### Excerpted data

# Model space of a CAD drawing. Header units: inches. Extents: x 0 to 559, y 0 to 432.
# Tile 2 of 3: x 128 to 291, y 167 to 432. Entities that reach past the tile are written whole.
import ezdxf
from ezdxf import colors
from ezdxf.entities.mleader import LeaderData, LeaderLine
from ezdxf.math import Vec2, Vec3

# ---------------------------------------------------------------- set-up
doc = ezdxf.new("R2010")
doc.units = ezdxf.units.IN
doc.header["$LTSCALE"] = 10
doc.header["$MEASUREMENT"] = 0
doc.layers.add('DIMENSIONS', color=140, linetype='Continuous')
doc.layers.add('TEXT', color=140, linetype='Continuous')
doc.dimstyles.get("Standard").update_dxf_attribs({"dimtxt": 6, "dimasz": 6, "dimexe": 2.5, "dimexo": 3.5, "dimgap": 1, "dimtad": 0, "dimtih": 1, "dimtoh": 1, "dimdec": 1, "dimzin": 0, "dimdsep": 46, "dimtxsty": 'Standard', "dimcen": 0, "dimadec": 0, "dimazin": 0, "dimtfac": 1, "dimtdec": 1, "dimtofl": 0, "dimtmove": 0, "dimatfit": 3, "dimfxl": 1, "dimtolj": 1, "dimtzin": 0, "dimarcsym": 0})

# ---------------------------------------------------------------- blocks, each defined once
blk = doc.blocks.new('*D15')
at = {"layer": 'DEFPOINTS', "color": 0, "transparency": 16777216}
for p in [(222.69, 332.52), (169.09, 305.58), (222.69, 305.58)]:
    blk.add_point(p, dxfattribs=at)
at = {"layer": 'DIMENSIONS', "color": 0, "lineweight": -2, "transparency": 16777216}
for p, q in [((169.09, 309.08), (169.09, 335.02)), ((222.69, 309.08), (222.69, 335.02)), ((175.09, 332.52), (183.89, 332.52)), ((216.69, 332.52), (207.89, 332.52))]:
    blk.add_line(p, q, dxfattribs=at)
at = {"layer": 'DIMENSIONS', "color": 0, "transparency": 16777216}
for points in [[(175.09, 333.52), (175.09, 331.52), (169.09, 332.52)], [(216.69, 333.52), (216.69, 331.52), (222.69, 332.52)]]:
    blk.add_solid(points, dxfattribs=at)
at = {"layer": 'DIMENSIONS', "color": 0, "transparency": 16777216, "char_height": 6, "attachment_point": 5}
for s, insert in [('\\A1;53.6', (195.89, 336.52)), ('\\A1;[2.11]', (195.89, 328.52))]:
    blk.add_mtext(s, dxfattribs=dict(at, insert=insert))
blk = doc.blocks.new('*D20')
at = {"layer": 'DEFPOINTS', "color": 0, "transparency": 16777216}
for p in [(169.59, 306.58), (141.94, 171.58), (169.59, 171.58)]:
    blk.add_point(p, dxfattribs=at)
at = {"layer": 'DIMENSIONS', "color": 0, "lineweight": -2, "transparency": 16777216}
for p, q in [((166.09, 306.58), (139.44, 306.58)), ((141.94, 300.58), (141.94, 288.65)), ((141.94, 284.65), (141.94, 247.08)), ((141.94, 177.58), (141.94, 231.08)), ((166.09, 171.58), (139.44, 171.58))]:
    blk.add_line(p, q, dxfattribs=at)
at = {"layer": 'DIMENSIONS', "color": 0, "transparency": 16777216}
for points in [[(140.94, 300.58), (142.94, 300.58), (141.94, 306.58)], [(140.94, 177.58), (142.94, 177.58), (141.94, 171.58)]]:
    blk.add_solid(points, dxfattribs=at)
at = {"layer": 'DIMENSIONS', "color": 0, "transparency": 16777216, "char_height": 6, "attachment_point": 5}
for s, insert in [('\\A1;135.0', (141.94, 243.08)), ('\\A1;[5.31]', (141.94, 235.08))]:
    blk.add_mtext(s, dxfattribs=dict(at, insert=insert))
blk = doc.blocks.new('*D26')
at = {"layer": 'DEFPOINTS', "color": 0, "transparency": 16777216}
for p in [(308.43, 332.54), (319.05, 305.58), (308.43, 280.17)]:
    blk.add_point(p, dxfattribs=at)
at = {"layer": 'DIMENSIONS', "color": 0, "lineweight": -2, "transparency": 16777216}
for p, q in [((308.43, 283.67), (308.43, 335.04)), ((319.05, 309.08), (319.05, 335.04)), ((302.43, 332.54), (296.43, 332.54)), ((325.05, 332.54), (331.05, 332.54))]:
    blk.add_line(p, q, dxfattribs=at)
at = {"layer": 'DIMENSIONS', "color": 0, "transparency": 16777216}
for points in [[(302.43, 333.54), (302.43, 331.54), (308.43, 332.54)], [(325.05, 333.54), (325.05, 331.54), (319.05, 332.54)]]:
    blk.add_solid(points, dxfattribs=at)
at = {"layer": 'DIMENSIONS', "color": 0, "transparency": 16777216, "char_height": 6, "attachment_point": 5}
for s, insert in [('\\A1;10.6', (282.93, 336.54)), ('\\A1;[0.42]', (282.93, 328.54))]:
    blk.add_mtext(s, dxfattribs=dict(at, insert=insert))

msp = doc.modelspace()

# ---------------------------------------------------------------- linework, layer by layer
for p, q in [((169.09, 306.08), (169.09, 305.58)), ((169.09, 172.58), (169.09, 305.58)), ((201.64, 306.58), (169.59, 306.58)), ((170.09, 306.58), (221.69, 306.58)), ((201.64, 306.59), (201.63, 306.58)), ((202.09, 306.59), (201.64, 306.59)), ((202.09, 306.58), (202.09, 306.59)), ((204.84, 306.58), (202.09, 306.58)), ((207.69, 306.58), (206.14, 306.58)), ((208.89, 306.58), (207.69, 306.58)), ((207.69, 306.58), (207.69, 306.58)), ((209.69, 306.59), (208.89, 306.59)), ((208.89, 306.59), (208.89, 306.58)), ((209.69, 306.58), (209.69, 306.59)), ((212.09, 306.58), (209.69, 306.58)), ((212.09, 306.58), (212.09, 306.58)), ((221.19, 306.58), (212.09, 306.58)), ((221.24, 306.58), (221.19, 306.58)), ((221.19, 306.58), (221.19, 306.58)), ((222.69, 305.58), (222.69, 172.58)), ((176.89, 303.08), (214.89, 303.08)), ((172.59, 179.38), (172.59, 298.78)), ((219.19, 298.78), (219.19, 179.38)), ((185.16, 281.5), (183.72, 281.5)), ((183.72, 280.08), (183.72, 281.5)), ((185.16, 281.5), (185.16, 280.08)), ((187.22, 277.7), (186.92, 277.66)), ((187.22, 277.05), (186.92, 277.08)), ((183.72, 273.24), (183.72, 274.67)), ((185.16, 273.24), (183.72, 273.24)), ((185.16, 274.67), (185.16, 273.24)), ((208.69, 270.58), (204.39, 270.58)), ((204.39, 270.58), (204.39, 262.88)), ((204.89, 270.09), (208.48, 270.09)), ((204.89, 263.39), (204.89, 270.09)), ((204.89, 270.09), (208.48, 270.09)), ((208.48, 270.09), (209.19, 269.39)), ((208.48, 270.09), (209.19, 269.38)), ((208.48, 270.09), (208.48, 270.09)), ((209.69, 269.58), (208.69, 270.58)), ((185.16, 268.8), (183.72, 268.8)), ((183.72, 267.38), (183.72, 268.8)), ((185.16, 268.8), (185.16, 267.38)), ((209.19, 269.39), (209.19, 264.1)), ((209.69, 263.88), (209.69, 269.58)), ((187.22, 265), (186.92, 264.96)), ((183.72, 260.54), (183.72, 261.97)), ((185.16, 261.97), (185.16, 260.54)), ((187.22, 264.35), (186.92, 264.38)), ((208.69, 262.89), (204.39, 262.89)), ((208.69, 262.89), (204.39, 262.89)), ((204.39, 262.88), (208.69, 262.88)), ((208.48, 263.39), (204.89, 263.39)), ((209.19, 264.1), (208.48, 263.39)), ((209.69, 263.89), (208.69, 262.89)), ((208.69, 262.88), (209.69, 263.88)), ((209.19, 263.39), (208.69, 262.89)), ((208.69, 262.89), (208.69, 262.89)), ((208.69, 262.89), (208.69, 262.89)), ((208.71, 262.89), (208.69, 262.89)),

######

> Work instructions
Lines from the entries that contain the word "layers" are what the answer must hold.

> Task answer
doc.layers.add('DIMENSIONS', color=140, linetype='Continuous')
doc.layers.add('TEXT', color=140, linetype='Continuous')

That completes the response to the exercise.